▶ TASK DETAILS
Please restate every line below exactly, without any pictures.

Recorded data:
====

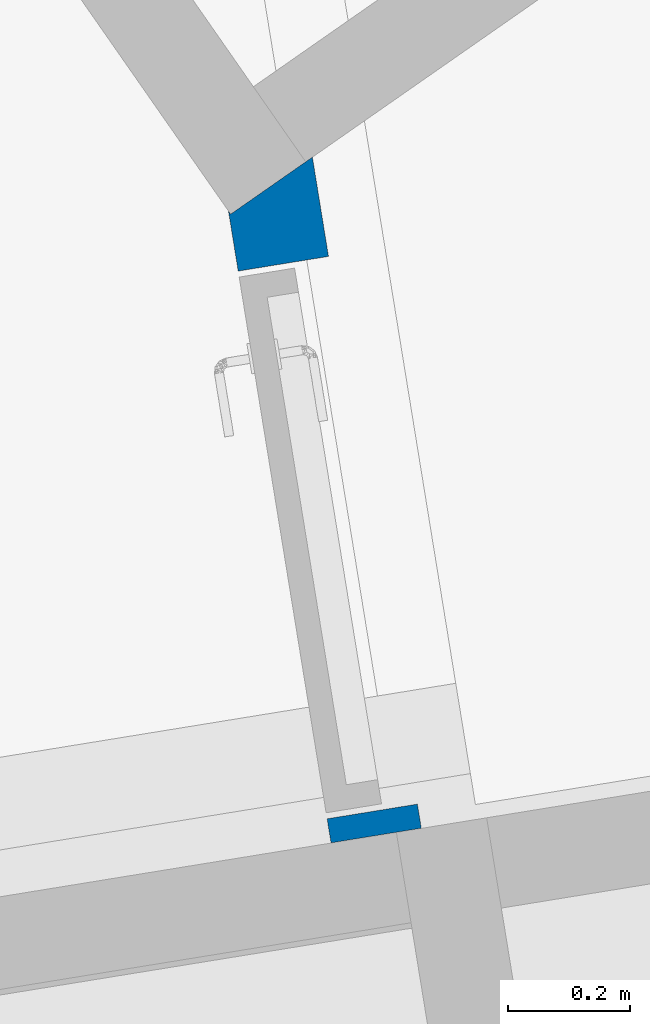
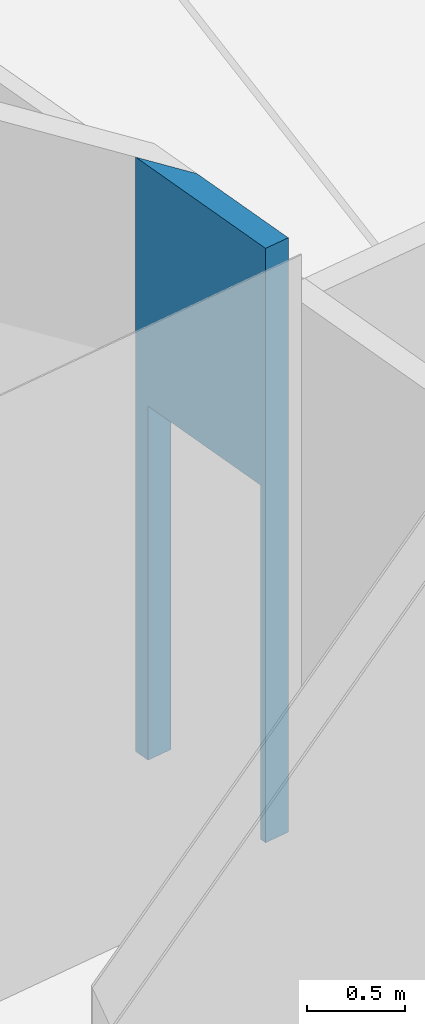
# One storey, part 19 of 23: 1 wall, 1 opening.
"""IFC2X3 building model written with IfcOpenShell, lengths in millimetres."""

from ifc_helpers import new_model, entity, si_unit, converted_unit, derived_unit, direction, frame, frame_2d, origin, origin_with_axes, place, context, subcontext, project, spatial, rectangle, extrude, faceted_brep, material, layer, layer_set, type_object, element, save


model = new_model("IFC2X3")

# Units and contexts
plan_context = context("Plan", 3, precision=1e-05, world=origin_with_axes())
model_context = context("Model", 3, precision=0.01, world=origin(), true_north=direction((6.12323399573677e-17, 1.0)))
body_context = subcontext(model_context, "Body", "Model", "MODEL_VIEW")
ifc_project = project(units=[converted_unit("PLANEANGLEUNIT", "DEGREE", entity("IfcPositiveLengthMeasure", 0.0174532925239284), si_unit("PLANEANGLEUNIT", "RADIAN"), dimensions=[0, 0, 0, 0, 0, 0, 0]), si_unit("AREAUNIT", "SQUARE_METRE"), si_unit("LENGTHUNIT", "METRE", prefix="MILLI"), si_unit("MASSUNIT", "GRAM", prefix="KILO"), si_unit("POWERUNIT", "WATT"), si_unit("PRESSUREUNIT", "PASCAL", prefix="KILO"), si_unit("FORCEUNIT", "NEWTON", prefix="KILO"), si_unit("ELECTRICVOLTAGEUNIT", "VOLT"), si_unit("ELECTRICCURRENTUNIT", "AMPERE"), si_unit("THERMODYNAMICTEMPERATUREUNIT", "DEGREE_CELSIUS"), si_unit("TIMEUNIT", "SECOND"), si_unit("VOLUMEUNIT", "CUBIC_METRE"), derived_unit("LINEARVELOCITYUNIT", [(si_unit("LENGTHUNIT", "METRE"), 1), (si_unit("TIMEUNIT", "SECOND"), -1)]), derived_unit("VOLUMETRICFLOWRATEUNIT", [(si_unit("VOLUMEUNIT", "CUBIC_METRE"), 1), (si_unit("TIMEUNIT", "SECOND"), -1)]), derived_unit("THERMALTRANSMITTANCEUNIT", [(si_unit("POWERUNIT", "WATT"), 1), (si_unit("THERMODYNAMICTEMPERATUREUNIT", "KELVIN"), -1), (si_unit("AREAUNIT", "SQUARE_METRE"), -1)]), derived_unit("SOUNDPRESSUREUNIT", [(si_unit("PRESSUREUNIT", "PASCAL"), 1)])], contexts=[model_context, plan_context])

# Site, building, storey
site_placement = place(None, frame((-0.00071070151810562, 0.00438415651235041, 0.0), z_axis=(0.0, 0.0, 1.0), x_axis=(-0.160236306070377, 0.987078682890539, 0.0)))
site = spatial("IfcSite", under=ifc_project, at=site_placement, Name="Default", CompositionType="ELEMENT")
building_placement = place(site_placement, origin_with_axes())
building = spatial("IfcBuilding", under=site, at=building_placement, Name="TOO", CompositionType="ELEMENT")
storey_placement = place(building_placement, frame((0.0, 0.0, 58999.9999999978), z_axis=(0.0, 0.0, 1.0), x_axis=(1.0, 0.0, 0.0)))
storey = spatial("IfcBuildingStorey", under=building, at=storey_placement, Name="Nivå F", CompositionType="ELEMENT", Elevation=58999.9999999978)

# Wall, opening
ifc_material_1 = material(Name="A240 - Gipsplate")
ifc_layer_1 = layer(ifc_material_1, 12.5)
ifc_layer_2 = layer(ifc_material_1, 12.5)
ifc_material_2 = material(Name="A200 - Isolasjon - Rock Wool")
ifc_layer_3 = layer(ifc_material_2, 100.0)
ifc_layer_4 = layer(ifc_material_1, 12.5)
ifc_layer_5 = layer(ifc_material_1, 12.5)
ifc_layer_set = layer_set([ifc_layer_1, ifc_layer_2, ifc_layer_3, ifc_layer_4, ifc_layer_5], Name="Basic Wall:A242 - GG100/100GG")
wall_type = type_object("IfcWallType", Name="Basic Wall:A242 - GG100/100GG", PredefinedType="STANDARD", material=ifc_layer_set)
wall_placement = place(storey_placement, frame((771002.966281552, -503796.1967943, 0.0), z_axis=(0.0, 0.0, 1.0), x_axis=(1.0, 0.0, 0.0)))
wall = element("IfcWall", 1, at=wall_placement, inside=storey, type_object=wall_type, Name="Basic Wall:A242 - GG100/100GG", ObjectType="Basic Wall:A242 - GG100/100GG", context=body_context, shape_type="Brep", body=[
    faceted_brep([(737.831779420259, -75.0, 3710.0), (0.0, -75.0, 3710.0), (0.0, -75.0, 0.0), (40.0, -75.0, 0.0), (40.0, -75.0, 2210.0), (737.831779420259, -75.0, 2210.0), (0.0, 75.0, 3710.0), (1050.0, 75.0, 3710.0), (1050.0, 75.0, 2200.0), (1050.0, 75.0, 0.0), (950.0, 75.0, 0.0), (950.0, 75.0, 2210.0), (40.0, 75.0, 2210.0), (40.0, 75.0, 0.0), (0.0, 75.0, 0.0), (1114.96869999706, -75.0, 2200.0), (1109.19117282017, -62.9762641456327, 2200.0), (1044.22546029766, 72.2252750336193, 2200.0), (950.0, 26.9489845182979, 2200.0), (950.0, -75.0, 2200.0), (1084.16831797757, -75.0, 2200.0), (1114.96869999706, -75.0, 0.0), (1109.19117282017, -62.9762641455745, 0.0), (1044.22546029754, 72.225275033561, 0.0), (950.0, 26.9489845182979, 2210.0), (950.0, -75.0, 0.0)], [[[0, 1, 2, 3, 4, 5]], [[6, 7, 8, 9, 10, 11, 12, 13, 14]], [[2, 14, 13, 3]], [[1, 0, 7, 6]], [[2, 1, 6, 14]], [[15, 16, 17, 18, 19, 20]], [[15, 21, 22, 23, 17, 16]], [[9, 8, 17, 23]], [[8, 7, 0, 5, 24, 18, 17]], [[12, 4, 3, 13]], [[4, 12, 11, 24, 5]], [[24, 11, 10, 25, 19, 18]], [[9, 23, 22, 21, 25, 10]], [[21, 15, 20, 19, 25]]]),
])
opening_placement = place(wall_placement, frame((40.0, -74.9999999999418, 0.0), z_axis=(0.0, 0.0, 1.0), x_axis=(1.0, 0.0, 0.0)))
element("IfcOpeningElement", 2, at=opening_placement, cuts=wall, Name="A200 - Slagdør - Enfløyet:A244 - DI_LSO - 0890 x 2190 mm:1", ObjectType="Opening", shape_type="SweptSolid", body=[
    extrude(rectangle(XDim=2209.99999999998, YDim=909.999999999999, at=frame_2d((1104.99999999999, 455.0), x_axis=(1.0, 0.0))), frame((0.0, 0.0, 0.0), z_axis=(0.0, 1.0, 0.0), x_axis=(0.0, 0.0, 1.0)), (0.0, 0.0, 1.0), 150.0),
])

save(model, "model.ifc")

====

▶ ANSWER BOX
# One storey, part 19 of 23: 1 wall, 1 opening.
"""IFC2X3 building model written with IfcOpenShell, lengths in millimetres."""

from ifc_helpers import new_model, entity, si_unit, converted_unit, derived_unit, direction, frame, frame_2d, origin, origin_with_axes, place, context, subcontext, project, spatial, rectangle, extrude, faceted_brep, material, layer, layer_set, type_object, element, save


model = new_model("IFC2X3")

# Units and contexts
plan_context = context("Plan", 3, precision=1e-05, world=origin_with_axes())
model_context = context("Model", 3, precision=0.01, world=origin(), true_north=direction((6.12323399573677e-17, 1.0)))
body_context = subcontext(model_context, "Body", "Model", "MODEL_VIEW")
ifc_project = project(units=[converted_unit("PLANEANGLEUNIT", "DEGREE", entity("IfcPositiveLengthMeasure", 0.0174532925239284), si_unit("PLANEANGLEUNIT", "RADIAN"), dimensions=[0, 0, 0, 0, 0, 0, 0]), si_unit("AREAUNIT", "SQUARE_METRE"), si_unit("LENGTHUNIT", "METRE", prefix="MILLI"), si_unit("MASSUNIT", "GRAM", prefix="KILO"), si_unit("POWERUNIT", "WATT"), si_unit("PRESSUREUNIT", "PASCAL", prefix="KILO"), si_unit("FORCEUNIT", "NEWTON", prefix="KILO"), si_unit("ELECTRICVOLTAGEUNIT", "VOLT"), si_unit("ELECTRICCURRENTUNIT", "AMPERE"), si_unit("THERMODYNAMICTEMPERATUREUNIT", "DEGREE_CELSIUS"), si_unit("TIMEUNIT", "SECOND"), si_unit("VOLUMEUNIT", "CUBIC_METRE"), derived_unit("LINEARVELOCITYUNIT", [(si_unit("LENGTHUNIT", "METRE"), 1), (si_unit("TIMEUNIT", "SECOND"), -1)]), derived_unit("VOLUMETRICFLOWRATEUNIT", [(si_unit("VOLUMEUNIT", "CUBIC_METRE"), 1), (si_unit("TIMEUNIT", "SECOND"), -1)]), derived_unit("THERMALTRANSMITTANCEUNIT", [(si_unit("POWERUNIT", "WATT"), 1), (si_unit("THERMODYNAMICTEMPERATUREUNIT", "KELVIN"), -1), (si_unit("AREAUNIT", "SQUARE_METRE"), -1)]), derived_unit("SOUNDPRESSUREUNIT", [(si_unit("PRESSUREUNIT", "PASCAL"), 1)])], contexts=[model_context, plan_context])

# Site, building, storey
site_placement = place(None, frame((-0.00071070151810562, 0.00438415651235041, 0.0), z_axis=(0.0, 0.0, 1.0), x_axis=(-0.160236306070377, 0.987078682890539, 0.0)))
site = spatial("IfcSite", under=ifc_project, at=site_placement, Name="Default", CompositionType="ELEMENT")
building_placement = place(site_placement, origin_with_axes())
building = spatial("IfcBuilding", under=site, at=building_placement, Name="TOO", CompositionType="ELEMENT")
storey_placement = place(building_placement, frame((0.0, 0.0, 58999.9999999978), z_axis=(0.0, 0.0, 1.0), x_axis=(1.0, 0.0, 0.0)))
storey = spatial("IfcBuildingStorey", under=building, at=storey_placement, Name="Nivå F", CompositionType="ELEMENT", Elevation=58999.9999999978)

# Wall, opening
ifc_material_1 = material(Name="A240 - Gipsplate")
ifc_layer_1 = layer(ifc_material_1, 12.5)
ifc_layer_2 = layer(ifc_material_1, 12.5)
ifc_material_2 = material(Name="A200 - Isolasjon - Rock Wool")
ifc_layer_3 = layer(ifc_material_2, 100.0)
ifc_layer_4 = layer(ifc_material_1, 12.5)
ifc_layer_5 = layer(ifc_material_1, 12.5)
ifc_layer_set = layer_set([ifc_layer_1, ifc_layer_2, ifc_layer_3, ifc_layer_4, ifc_layer_5], Name="Basic Wall:A242 - GG100/100GG")
wall_type = type_object("IfcWallType", Name="Basic Wall:A242 - GG100/100GG", PredefinedType="STANDARD", material=ifc_layer_set)
wall_placement = place(storey_placement, frame((771002.966281552, -503796.1967943, 0.0), z_axis=(0.0, 0.0, 1.0), x_axis=(1.0, 0.0, 0.0)))
wall = element("IfcWall", 1, at=wall_placement, inside=storey, type_object=wall_type, Name="Basic Wall:A242 - GG100/100GG", ObjectType="Basic Wall:A242 - GG100/100GG", context=body_context, shape_type="Brep", body=[
    faceted_brep([(737.831779420259, -75.0, 3710.0), (0.0, -75.0, 3710.0), (0.0, -75.0, 0.0), (40.0, -75.0, 0.0), (40.0, -75.0, 2210.0), (737.831779420259, -75.0, 2210.0), (0.0, 75.0, 3710.0), (1050.0, 75.0, 3710.0), (1050.0, 75.0, 2200.0), (1050.0, 75.0, 0.0), (950.0, 75.0, 0.0), (950.0, 75.0, 2210.0), (40.0, 75.0, 2210.0), (40.0, 75.0, 0.0), (0.0, 75.0, 0.0), (1114.96869999706, -75.0, 2200.0), (1109.19117282017, -62.9762641456327, 2200.0), (1044.22546029766, 72.2252750336193, 2200.0), (950.0, 26.9489845182979, 2200.0), (950.0, -75.0, 2200.0), (1084.16831797757, -75.0, 2200.0), (1114.96869999706, -75.0, 0.0), (1109.19117282017, -62.9762641455745, 0.0), (1044.22546029754, 72.225275033561, 0.0), (950.0, 26.9489845182979, 2210.0), (950.0, -75.0, 0.0)], [[[0, 1, 2, 3, 4, 5]], [[6, 7, 8, 9, 10, 11, 12, 13, 14]], [[2, 14, 13, 3]], [[1, 0, 7, 6]], [[2, 1, 6, 14]], [[15, 16, 17, 18, 19, 20]], [[15, 21, 22, 23, 17, 16]], [[9, 8, 17, 23]], [[8, 7, 0, 5, 24, 18, 17]], [[12, 4, 3, 13]], [[4, 12, 11, 24, 5]], [[24, 11, 10, 25, 19, 18]], [[9, 23, 22, 21, 25, 10]], [[21, 15, 20, 19, 25]]]),
])
opening_placement = place(wall_placement, frame((40.0, -74.9999999999418, 0.0), z_axis=(0.0, 0.0, 1.0), x_axis=(1.0, 0.0, 0.0)))
element("IfcOpeningElement", 2, at=opening_placement, cuts=wall, Name="A200 - Slagdør - Enfløyet:A244 - DI_LSO - 0890 x 2190 mm:1", ObjectType="Opening", shape_type="SweptSolid", body=[
    extrude(rectangle(XDim=2209.99999999998, YDim=909.999999999999, at=frame_2d((1104.99999999999, 455.0), x_axis=(1.0, 0.0))), frame((0.0, 0.0, 0.0), z_axis=(0.0, 1.0, 0.0), x_axis=(0.0, 0.0, 1.0)), (0.0, 0.0, 1.0), 150.0),
])

save(model, "model.ifc")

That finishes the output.